Veredito: O Melhor Carro em Sorrisos por Quilómetro que o Dinheiro Pode Comprar?
O 718 e o 911 são máquinas fundamentalmente diferentes. O Carrera é um autêntico carro do dia a dia, evoluindo gradualmente para um Grande Turismo confortável. O Cayman e o Boxster são desportivos de dois lugares à moda antiga, no melhor sentido possível. Se o prazer de conduzir — puro, não diluído e indiferente à praticidade — for a prioridade, é difícil imaginar algo melhor, a este preço, do que a família GTS 4.0.
E se o que procura é o máximo prazer em estradas normais, com a opção de baixar a capota numa noite quente? O Boxster GTS 4.0 é a resposta.
Bónus: O Macan GTS Renovado
Com pouco tempo disponível e um percurso curto, o Macan GTS renovado também constava do programa de testes. A principal mudança em relação ao modelo pré-restyling é o motor — o V6 de 3.0 litros ligeiramente reforçado do Macan S foi substituído pela unidade mais avançada de 2.9 litros do Turbo, aqui afinada para 380 cv e 520 N·m. Especificações a destacar:
- Motor: V6 biturbo de 2.9 litros, 380 cv / 520 N·m
- 0–100 km/h: 4,7 segundos (com launch control do Sport Chrono, de série)

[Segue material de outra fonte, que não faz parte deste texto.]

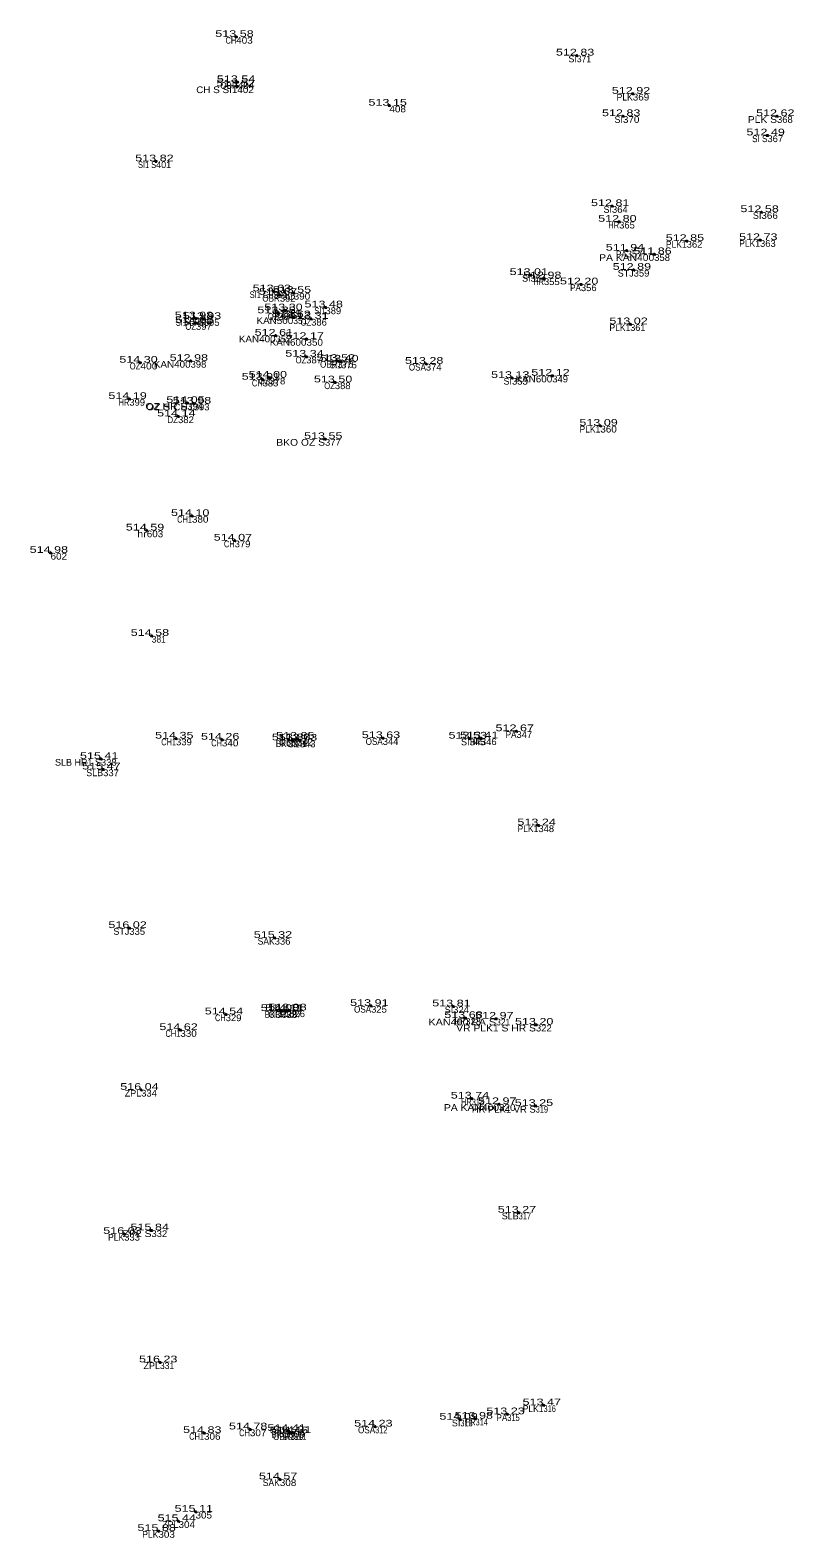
# Model space of a CAD drawing. Extents: x -643086 to -639283, y -1131805 to -1123269.
# Drawn here: x -639408.3 to -639374.2, y -1123547.3 to -1123479.9 of the extents above; entities that cross this region are included whole.
import ezdxf
from ezdxf.enums import TextEntityAlignment as Align

# ---------------------------------------------------------------- set-up
doc = ezdxf.new("R2010")
doc.units = 0
doc.header["$LTSCALE"] = 0.12
doc.header["$PDMODE"] = 32
doc.header["$PDSIZE"] = 0.06
for name, color, linetype in [('1', 7, 'Continuous'), ('2', 7, 'Continuous'), ('3', 7, 'Continuous'), ('4', 7, 'Continuous')]:
    doc.layers.add(name, color=color, linetype=linetype)

msp = doc.modelspace()

# ---------------------------------------------------------------- linework, layer by layer
at = {"layer": '1'}
for p in [(-639399.09, -1123480.2), (-639383.86, -1123481.03), (-639399.04, -1123482.41), (-639399.02, -1123482.22), (-639392.24, -1123483.27), (-639381.36, -1123482.74), (-639381.8, -1123483.74), (-639374.91, -1123483.74), (-639375.34, -1123484.6), (-639402.67, -1123485.76), (-639382.29, -1123487.76), (-639375.61, -1123488.03), (-639381.97, -1123488.46), (-639378.95, -1123489.32), (-639375.67, -1123489.28), (-639381.63, -1123489.75), (-639380.4, -1123489.91), (-639381.32, -1123490.61), (-639385.93, -1123490.84), (-639385.33, -1123490.99), (-639383.68, -1123491.26), (-639397.42, -1123491.57), (-639397.14, -1123491.73), (-639396.52, -1123491.64), (-639400.9, -1123492.78), (-639397.21, -1123492.55), (-639396.9, -1123492.42), (-639396.54, -1123492.73), (-639395.1, -1123492.29), (-639400.89, -1123492.99), (-639400.54, -1123492.81), (-639395.74, -1123492.8), (-639381.47, -1123493.04), (-639397.33, -1123493.55), (-639395.95, -1123493.7), (-639403.38, -1123494.76), (-639401.13, -1123494.68), (-639395.96, -1123494.49), (-639394.56, -1123494.68), (-639394.4, -1123494.71), (-639390.61, -1123494.81), (-639397.6, -1123495.43), (-639386.76, -1123495.44), (-639384.96, -1123495.34), (-639397.91, -1123495.52), (-639394.68, -1123495.64), (-639403.87, -1123496.38), (-639401.28, -1123496.56), (-639400.99, -1123496.59), (-639401.69, -1123497.16), (-639395.12, -1123498.17), (-639382.81, -1123497.58), (-639401.07, -1123501.61), (-639403.09, -1123502.26), (-639399.16, -1123502.71), (-639407.39, -1123503.26), (-639402.87, -1123506.97), (-639401.78, -1123511.56), (-639399.73, -1123511.61), (-639396.56, -1123511.64), (-639396.37, -1123511.57), (-639396.25, -1123511.65), (-639392.54, -1123511.54), (-639388.66, -1123511.56), (-639388.15, -1123511.55), (-639386.56, -1123511.23), (-639405.14, -1123512.47), (-639405.04, -1123512.94), (-639385.58, -1123515.44), (-639403.87, -1123520.03), (-639397.37, -1123520.47), (-639397.06, -1123523.74), (-639396.86, -1123523.74), (-639396.72, -1123523.71), (-639393.06, -1123523.51), (-639389.39, -1123523.53), (-639399.56, -1123523.89), (-639388.85, -1123524.05), (-639387.47, -1123524.08), (-639385.69, -1123524.35), (-639401.59, -1123524.59), (-639403.34, -1123527.26), (-639388.56, -1123527.65), (-639387.34, -1123527.9), (-639385.7, -1123527.98), (-639386.46, -1123532.75), (-639404.1, -1123533.7), (-639402.88, -1123533.54), (-639402.5, -1123539.44), (-639388.39, -1123541.96), (-639386.97, -1123541.76), (-639385.35, -1123541.36), (-639400.53, -1123542.6), (-639398.48, -1123542.44), (-639396.76, -1123542.51), (-639396.66, -1123542.61), (-639396.51, -1123542.6), (-639392.88, -1123542.31), (-639389.07, -1123542), (-639397.14, -1123544.67), (-639401.67, -1123546.54), (-639400.91, -1123546.12), (-639402.57, -1123546.98)]:
    msp.add_point(p, dxfattribs=at)

# ---------------------------------------------------------------- texts
at = {"layer": '2'}
for s, width, p in [('403', 1.1, (-639399.09, -1123480.5)), ('371', 0.95, (-639383.86, -1123481.33)), ('402', 1.1, (-639399.04, -1123482.71)), ('404', 1.1, (-639399.02, -1123482.52)), ('408', 1.1, (-639392.24, -1123483.57)), ('369', 1.1, (-639381.36, -1123483.04)), ('370', 1.1, (-639381.8, -1123484.04)), ('368', 1.05, (-639374.91, -1123484.04)), ('367', 1.05, (-639375.34, -1123484.9)), ('364', 1.05, (-639382.29, -1123488.06)), ('366', 1.1, (-639375.61, -1123488.33)), ('365', 1.05, (-639381.97, -1123488.76)), ('362', 1.05, (-639378.95, -1123489.62)), ('363', 1.05, (-639375.67, -1123489.58)), ('357', 1.05, (-639381.63, -1123490.05)), ('358', 1.05, (-639380.4, -1123490.21)), ('359', 1.05, (-639381.32, -1123490.91)), ('354', 1.05, (-639385.93, -1123491.14)), ('355', 1.05, (-639385.33, -1123491.29)), ('356', 1.05, (-639383.68, -1123491.56)), ('391', 0.95, (-639397.42, -1123491.87)), ('392', 1.05, (-639397.14, -1123492.03)), ('390', 1.1, (-639396.52, -1123491.94)), ('384', 1.05, (-639397.21, -1123492.85)), ('385', 1.05, (-639396.9, -1123492.72)), ('351', 0.95, (-639396.54, -1123493.03)), ('389', 1.05, (-639395.1, -1123492.59)), ('396', 1.1, (-639400.9, -1123493.08)), ('397', 1.05, (-639400.89, -1123493.29)), ('395', 1.05, (-639400.54, -1123493.11)), ('386', 1.05, (-639395.74, -1123493.1)), ('352', 1.05, (-639397.33, -1123493.85)), ('350', 1.1, (-639395.95, -1123494)), ('400', 1.15, (-639403.38, -1123495.06)), ('398', 1.05, (-639401.13, -1123494.98)), ('387', 1.05, (-639395.96, -1123494.79)), ('376', 1.05, (-639394.56, -1123494.98)), ('375', 1.05, (-639394.4, -1123495.01)), ('378', 1.05, (-639397.6, -1123495.73)), ('374', 1.05, (-639390.61, -1123495.11)), ('353', 1.05, (-639386.76, -1123495.74)), ('349', 1.05, (-639384.96, -1123495.64)), ('383', 1.05, (-639397.91, -1123495.82)), ('388', 1.05, (-639394.68, -1123495.94)), ('399', 1.05, (-639403.87, -1123496.68)), ('394', 1.05, (-639401.28, -1123496.86)), ('393', 1.05, (-639400.99, -1123496.89)), ('382', 1.05, (-639401.69, -1123497.46)), ('360', 1.1, (-639382.81, -1123497.88)), ('377', 1.05, (-639395.12, -1123498.47)), ('380', 1.1, (-639401.07, -1123501.91)), ('603', 1.1, (-639403.09, -1123502.56)), ('379', 1.05, (-639399.16, -1123503.01)), ('602', 1.1, (-639407.39, -1123503.56)), ('381', 0.95, (-639402.87, -1123507.27)), ('339', 1.05, (-639401.78, -1123511.86)), ('340', 1.1, (-639399.73, -1123511.91)), ('341', 0.95, (-639396.56, -1123511.94)), ('342', 1.05, (-639396.37, -1123511.87)), ('344', 1.05, (-639392.54, -1123511.84)), ('345', 1.05, (-639388.66, -1123511.86)), ('346', 1.05, (-639388.15, -1123511.85)), ('347', 1.05, (-639386.56, -1123511.53)), ('343', 1.05, (-639396.25, -1123511.95)), ('338', 1.05, (-639405.14, -1123512.77)), ('337', 1.05, (-639405.04, -1123513.24)), ('348', 1.05, (-639385.58, -1123515.74)), ('335', 1.05, (-639403.87, -1123520.33)), ('336', 1.05, (-639397.37, -1123520.77)), ('328', 1.05, (-639397.06, -1123524.04)), ('327', 1.05, (-639396.86, -1123524.04)), ('326', 1.05, (-639396.72, -1123524.01)), ('325', 1.05, (-639393.06, -1123523.81)), ('324', 1.05, (-639389.39, -1123523.83)), ('329', 1.05, (-639399.56, -1123524.19)), ('323', 1.05, (-639388.85, -1123524.35)), ('321', 0.95, (-639387.47, -1123524.38)), ('322', 1.05, (-639385.69, -1123524.65)), ('330', 1.1, (-639401.59, -1123524.89)), ('334', 1.05, (-639403.34, -1123527.56)), ('318', 0.8, (-639388.56, -1123527.95)), ('320', 1.1, (-639387.34, -1123528.2)), ('319', 0.8, (-639385.7, -1123528.28)), ('317', 0.8, (-639386.46, -1123533.05)), ('333', 1.05, (-639404.1, -1123534)), ('332', 1.05, (-639402.88, -1123533.84)), ('331', 0.95, (-639402.5, -1123539.74)), ('314', 0.8, (-639388.39, -1123542.26)), ('315', 0.8, (-639386.97, -1123542.06)), ('316', 0.8, (-639385.35, -1123541.66)), ('306', 1.1, (-639400.53, -1123542.9)), ('307', 1.1, (-639398.48, -1123542.74)), ('309', 1.1, (-639396.76, -1123542.81)), ('310', 0.85, (-639396.66, -1123542.91)), ('311', 0.7, (-639396.51, -1123542.9)), ('312', 0.8, (-639392.88, -1123542.61)), ('313', 0.8, (-639389.07, -1123542.3)), ('308', 1.1, (-639397.14, -1123544.97)), ('304', 1.1, (-639401.67, -1123546.84)), ('305', 1.1, (-639400.91, -1123546.42)), ('303', 1.1, (-639402.57, -1123547.28))]:
    msp.add_text(s, height=0.3, dxfattribs=dict(at, width=width)).set_placement(p)
for s, p in [('401', (-639402.67, -1123486.06)), ('361', (-639381.47, -1123493.34))]:
    msp.add_text(s, height=0.3, dxfattribs=at).set_placement(p)
at = {"layer": '3', "width": 1.4}
for s, p in [('513 58 ', (-639399.09, -1123480.2)), ('512 83 ', (-639383.86, -1123481.03)), ('513 54 ', (-639399.02, -1123482.22)), ('513 52 ', (-639399.04, -1123482.41)), ('512 92 ', (-639381.36, -1123482.74)), ('513 15 ', (-639392.24, -1123483.27)), ('512 83 ', (-639381.8, -1123483.74)), ('512 62 ', (-639374.91, -1123483.74)), ('512 49 ', (-639375.34, -1123484.6)), ('513 82 ', (-639402.67, -1123485.76)), ('512 81 ', (-639382.29, -1123487.76)), ('512 58 ', (-639375.61, -1123488.03)), ('512 80 ', (-639381.97, -1123488.46)), ('512 85 ', (-639378.95, -1123489.32)), ('512 73 ', (-639375.67, -1123489.28)), ('511 94 ', (-639381.63, -1123489.75)), ('511 86 ', (-639380.4, -1123489.91)), ('513 01 ', (-639385.93, -1123490.84)), ('512 98 ', (-639385.33, -1123490.99)), ('512 89 ', (-639381.32, -1123490.61)), ('513 63 ', (-639397.42, -1123491.57)), ('513 55 ', (-639396.52, -1123491.64)), ('512 20 ', (-639383.68, -1123491.26)), ('513 67 ', (-639397.14, -1123491.73)), ('513 48 ', (-639395.1, -1123492.29)), ('513 98 ', (-639400.9, -1123492.78)), ('514 06 ', (-639400.89, -1123492.99)), ('513 93 ', (-639400.54, -1123492.81)), ('513 35 ', (-639397.21, -1123492.55)), ('513 30 ', (-639396.9, -1123492.42)), ('512 62 ', (-639396.54, -1123492.73)), ('513 31 ', (-639395.74, -1123492.8)), ('513 02 ', (-639381.47, -1123493.04)), ('512 61 ', (-639397.33, -1123493.55)), ('512 17 ', (-639395.95, -1123493.7)), ('514 30 ', (-639403.38, -1123494.76)), ('512 98 ', (-639401.13, -1123494.68)), ('513 34 ', (-639395.96, -1123494.49)), ('513 52 ', (-639394.56, -1123494.68)), ('513 40 ', (-639394.4, -1123494.71)), ('513 28 ', (-639390.61, -1123494.81)), ('513 91 ', (-639397.91, -1123495.52)), ('514 00 ', (-639397.6, -1123495.43)), ('513 50 ', (-639394.68, -1123495.64)), ('513 13 ', (-639386.76, -1123495.44)), ('512 12 ', (-639384.96, -1123495.34)), ('514 19 ', (-639403.87, -1123496.38)), ('514 05 ', (-639401.28, -1123496.56)), ('513 98 ', (-639400.99, -1123496.59)), ('514 14 ', (-639401.69, -1123497.16)), ('513 09 ', (-639382.81, -1123497.58)), ('513 55 ', (-639395.12, -1123498.17)), ('514 10 ', (-639401.07, -1123501.61)), ('514 59 ', (-639403.09, -1123502.26)), ('514 07 ', (-639399.16, -1123502.71)), ('514 98 ', (-639407.39, -1123503.26)), ('514 58 ', (-639402.87, -1123506.97)), ('512 67 ', (-639386.56, -1123511.23)), ('514 35 ', (-639401.78, -1123511.56)), ('514 26 ', (-639399.73, -1123511.61)), ('513 80 ', (-639396.56, -1123511.64)), ('513 85 ', (-639396.37, -1123511.57)), ('513 73 ', (-639396.25, -1123511.65)), ('513 63 ', (-639392.54, -1123511.54)), ('513 53 ', (-639388.66, -1123511.56)), ('513 41 ', (-639388.15, -1123511.55)), ('515 41 ', (-639405.14, -1123512.47)), ('515 47 ', (-639405.04, -1123512.94)), ('513 24 ', (-639385.58, -1123515.44)), ('516 02 ', (-639403.87, -1123520.03)), ('515 32 ', (-639397.37, -1123520.47)), ('514 54 ', (-639399.56, -1123523.89)), ('514 08 ', (-639397.06, -1123523.74)), ('514 11 ', (-639396.86, -1123523.74)), ('513 98 ', (-639396.72, -1123523.71)), ('513 91 ', (-639393.06, -1123523.51)), ('513 81 ', (-639389.39, -1123523.53)), ('513 68 ', (-639388.85, -1123524.05)), ('514 62 ', (-639401.59, -1123524.59)), ('512 97 ', (-639387.47, -1123524.08)), ('513 20 ', (-639385.69, -1123524.35)), ('516 04 ', (-639403.34, -1123527.26)), ('513 74 ', (-639388.56, -1123527.65)), ('512 97 ', (-639387.34, -1123527.9)), ('513 25 ', (-639385.7, -1123527.98)), ('513 27 ', (-639386.46, -1123532.75)), ('516 03 ', (-639404.1, -1123533.7)), ('515 84 ', (-639402.88, -1123533.54)), ('516 23 ', (-639402.5, -1123539.44)), ('513 47 ', (-639385.35, -1123541.36)), ('514 09 ', (-639389.07, -1123542)), ('513 98 ', (-639388.39, -1123541.96)), ('513 23 ', (-639386.97, -1123541.76)), ('514 83 ', (-639400.53, -1123542.6)), ('514 78 ', (-639398.48, -1123542.44)), ('514 41 ', (-639396.76, -1123542.51)), ('514 45 ', (-639396.66, -1123542.61)), ('514 31 ', (-639396.51, -1123542.6)), ('514 23 ', (-639392.88, -1123542.31)), ('514 57 ', (-639397.14, -1123544.67)), ('515 11 ', (-639400.91, -1123546.12)), ('515 88 ', (-639402.57, -1123546.98)), ('515 44 ', (-639401.67, -1123546.54))]:
    msp.add_text(s, height=0.3, dxfattribs=at).set_placement(p, align=Align.CENTER)
at = {"layer": '4'}
for s, width, p in [('CH', 0.8, (-639399.09, -1123480.5)), ('CH S SI1', 1.1, (-639399.04, -1123482.71)), ('OBR', 0.9, (-639399.02, -1123482.52)), ('PLK', 0.95, (-639381.36, -1123483.04)), ('PLK S', 1.15, (-639374.91, -1123484.04)), ('SI S', 0.9, (-639375.34, -1123484.9)), ('SI1 S', 0.8, (-639402.67, -1123486.06)), ('HR', 0.8, (-639381.97, -1123488.76)), ('PLK1', 0.95, (-639378.95, -1123489.62)), ('PLK1', 0.95, (-639375.67, -1123489.58)), ('PA KAN400', 1.15, (-639380.4, -1123490.21)), ('PA', 0.9, (-639381.63, -1123490.05)), ('HR', 0.8, (-639385.33, -1123491.29)), ('PA', 0.9, (-639383.68, -1123491.56)), ('SI1 CH', 0.8, (-639397.42, -1123491.87)), ('OBR', 0.9, (-639397.14, -1123492.03)), ('SI1', 0.8, (-639396.52, -1123491.94)), ('KAN500', 1.1, (-639396.54, -1123493.03)), ('OZ', 0.85, (-639397.21, -1123492.85)), ('DZ', 0.9, (-639396.9, -1123492.72)), ('SI1', 0.8, (-639395.1, -1123492.59)), ('SI1 CH1', 0.8, (-639400.54, -1123493.11)), ('SI1', 0.8, (-639400.9, -1123493.08)), ('OZ', 0.85, (-639400.89, -1123493.29)), ('OZ', 0.85, (-639395.74, -1123493.1)), ('PLK1', 0.95, (-639381.47, -1123493.34)), ('KAN400', 1.1, (-639397.33, -1123493.85)), ('KAN600', 1.1, (-639395.95, -1123494)), ('OZ', 0.85, (-639403.38, -1123495.06)), ('KAN400', 1.1, (-639401.13, -1123494.98)), ('OZ', 0.85, (-639395.96, -1123494.79)), ('OBR', 0.9, (-639394.56, -1123494.98)), ('SI1', 0.8, (-639394.4, -1123495.01)), ('OZ', 0.85, (-639397.6, -1123495.73)), ('OSA', 0.9, (-639390.61, -1123495.11)), ('KAN600', 1.1, (-639384.96, -1123495.64)), ('CH', 0.8, (-639397.91, -1123495.82)), ('OZ', 0.85, (-639394.68, -1123495.94)), ('HR', 0.8, (-639403.87, -1123496.68)), ('OZ HR S', 1.15, (-639401.28, -1123496.86)), ('OZ S CH1', 1.15, (-639400.99, -1123496.89)), ('DZ', 0.9, (-639401.69, -1123497.46)), ('PLK1', 0.95, (-639382.81, -1123497.88)), ('BKO OZ S', 1.15, (-639395.12, -1123498.47)), ('CH1', 0.8, (-639401.07, -1123501.91)), ('hr', 1.2, (-639403.09, -1123502.56)), ('CH', 0.8, (-639399.16, -1123503.01)), ('CH1', 0.8, (-639401.78, -1123511.86)), ('CH', 0.8, (-639399.73, -1123511.91)), ('BKO', 0.9, (-639396.56, -1123511.94)), ('OBR', 0.9, (-639396.37, -1123511.87)), ('OSA', 0.9, (-639392.54, -1123511.84)), ('HR', 0.8, (-639388.15, -1123511.85)), ('PA', 0.9, (-639386.56, -1123511.53)), ('SI1', 0.8, (-639396.25, -1123511.95)), ('PLK1', 0.95, (-639385.58, -1123515.74)), ('SAK', 0.95, (-639397.37, -1123520.77)), ('BKO', 0.9, (-639397.06, -1123524.04)), ('OBR', 0.9, (-639396.86, -1123524.04)), ('SI1', 0.8, (-639396.72, -1123524.01)), ('OSA', 0.9, (-639393.06, -1123523.81)), ('CH', 0.8, (-639399.56, -1123524.19)), ('KAN400 PA S', 1.2, (-639387.47, -1123524.38)), ('HR', 0.8, (-639388.85, -1123524.35)), ('VR PLK1 S HR S', 1.15, (-639385.69, -1123524.65)), ('CH1', 0.8, (-639401.59, -1123524.89)), ('HR', 0.8, (-639388.56, -1123527.95)), ('PA KAN400', 1.15, (-639387.34, -1123528.2)), ('HR PLK1 VR S', 1.05, (-639385.7, -1123528.28)), ('PLK', 0.95, (-639404.1, -1123534)), ('ZPL S', 1.15, (-639402.88, -1123533.84)), ('HR', 0.8, (-639388.39, -1123542.26)), ('PA', 0.9, (-639386.97, -1123542.06)), ('PLK1', 0.95, (-639385.35, -1123541.66)), ('CH1', 0.8, (-639400.53, -1123542.9)), ('CH', 0.8, (-639398.48, -1123542.74)), ('BKO', 0.9, (-639396.76, -1123542.81)), ('OBR', 0.9, (-639396.66, -1123542.91)), ('SI1', 0.8, (-639396.51, -1123542.9)), ('OSA', 0.9, (-639392.88, -1123542.61)), ('SAK', 0.95, (-639397.14, -1123544.97)), ('PLK', 0.95, (-639402.57, -1123547.28))]:
    msp.add_text(s, height=0.3, dxfattribs=dict(at, width=width)).set_placement(p, align=Align.RIGHT)
for s, p in [('SI', (-639383.86, -1123481.33)), ('SI', (-639381.8, -1123484.04)), ('SI', (-639382.29, -1123488.06)), ('SI', (-639375.61, -1123488.33)), ('STJ', (-639381.32, -1123490.91)), ('SI', (-639385.93, -1123491.14)), ('SI', (-639386.76, -1123495.74)), ('SI', (-639388.66, -1123511.86)), ('SLB HR1 S', (-639405.14, -1123512.77)), ('SLB', (-639405.04, -1123513.24)), ('STJ', (-639403.87, -1123520.33)), ('SI', (-639389.39, -1123523.83)), ('ZPL', (-639403.34, -1123527.56)), ('SLB', (-639386.46, -1123533.05)), ('ZPL', (-639402.5, -1123539.74)), ('SI', (-639389.07, -1123542.3)), ('ZPL', (-639401.67, -1123546.84))]:
    msp.add_text(s, height=0.3, dxfattribs=at).set_placement(p, align=Align.RIGHT)

doc.saveas('drawing.dxf')
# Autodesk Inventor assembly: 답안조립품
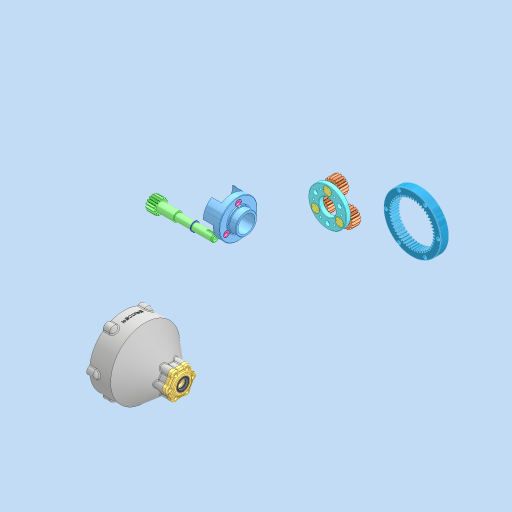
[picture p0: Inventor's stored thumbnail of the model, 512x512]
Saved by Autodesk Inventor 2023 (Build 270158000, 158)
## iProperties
Created: 2026-05
Part Number: 답안조립품
Document SubType Name: Assembly
Designer: home
Author: home
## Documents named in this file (16)
- C:\Users\home\Desktop\760503v1006\답안조립품.iam
- C:\Users\home\Desktop\760503v1006\본체.ipt
- C:\Users\home\Desktop\760503v1006\깊은 홈 볼 베어링 6203.ipt
- C:\Users\home\Desktop\760503v1006\선 기어 축.ipt
- C:\Users\home\Desktop\760503v1006\축용 C형 멈춤링 17.ipt
- C:\Users\home\Desktop\760503v1006\커버.ipt
- C:\Users\home\Desktop\760503v1006\오일 실 17 32 8.ipt
- C:\Users\home\Desktop\760503v1006\깊은 홈 볼 베어링 6010.ipt
- C:\Users\home\Desktop\760503v1006\유성 캐리어.ipt
- C:\Users\home\Desktop\760503v1006\엔드 캡.ipt
- C:\Users\home\Desktop\760503v1006\칼라.ipt
- C:\Users\home\Desktop\760503v1006\유성 캐리어 커버.ipt
- C:\Users\home\Desktop\760503v1006\유성 축.ipt
- C:\Users\home\Desktop\760503v1006\유성 기어.ipt
- C:\Users\home\Desktop\760503v1006\깊은 홈 볼 베어링 6900.ipt
- C:\Users\home\Desktop\760503v1006\링 기어.ipt
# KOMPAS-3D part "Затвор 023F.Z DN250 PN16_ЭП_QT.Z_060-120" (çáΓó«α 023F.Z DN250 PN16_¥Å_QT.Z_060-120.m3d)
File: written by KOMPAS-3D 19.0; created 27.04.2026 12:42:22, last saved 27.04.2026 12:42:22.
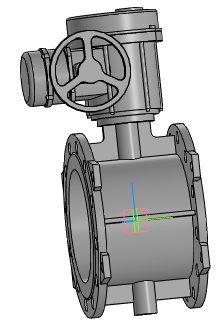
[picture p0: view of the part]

Document properties: Полное имя файла: Затвор 023F.Z DN250 PN16 + электропривод QT.Z060-120.a3d

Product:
- Part/product: Затвор 023F.Z DN250 PN16_ЭП_QT.Z_060-120
    Масса: 130.98
  - Body: Тело 1
      Масса: 131.281

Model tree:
1. Операция без истории:1

- Transmissão: automática de dupla embraiagem PDK
- Plataforma: MLB Evo (partilhada com a geração do Audi Q5 / VW Touareg)

A diferença de carácter entre o 2.9 e o antigo 3.0 é subtil, ainda que os filtros de partículas a gasolina, agora obrigatórios, tenham suavizado um pouco o som de escape — continua a ser satisfatório dentro do habitáculo, se bem que menos dramático do que antes. O motor está praticamente inerte abaixo das 2.500 rpm, mas há pouca razão para se demorar aí: a resposta do acelerador é excelente para uma unidade turbo, e a entrega de potência mantém-se forte até ao corte de rotação.
Apesar da idade da plataforma MLB que lhe serve de base, o Macan continua a ser a referência em termos de envolvimento de condução na categoria dos SUV compactos. Continua a ser o único crossover capaz de fazer esquecer temporariamente a sua natureza de compromisso numa estrada sinuosa. Mesmo sem suspensão pneumática no veículo de teste, o conforto de marcha é razoável — trata-se de um desportivo com um tejadilho mais elevado, não de um cruzador de luxo, e não pede desculpa por isso.
O interior divide opiniões: os mais tradicionais veem-no como um refúgio bem-vindo no meio de um mar de ecrãs táteis hápticos; os críticos notam que começa a mostrar sinais de idade. O GTS recebe o ecrã de infotainment maior e atualizado do restyling, o que melhora significativamente a usabilidade da navegação. O acabamento em Alcântara estende-se por todo o habitáculo, ainda que a pele no volante tivesse sido uma escolha mais prática em termos de durabilidade.

Apesar do tempo de condução limitado, o Macan GTS demonstra claramente com que eficácia a Porsche consegue renovar uma plataforma já com alguma idade, com precisão cirúrgica. Se já é proprietário de um Macan pré-restyling, é pouco provável que a atualização o tente a comprar um novo. Mas para quem está a entrar pela primeira vez na família Porsche, a versão GTS do Macan renovado apresenta um argumento cada vez mais convincente.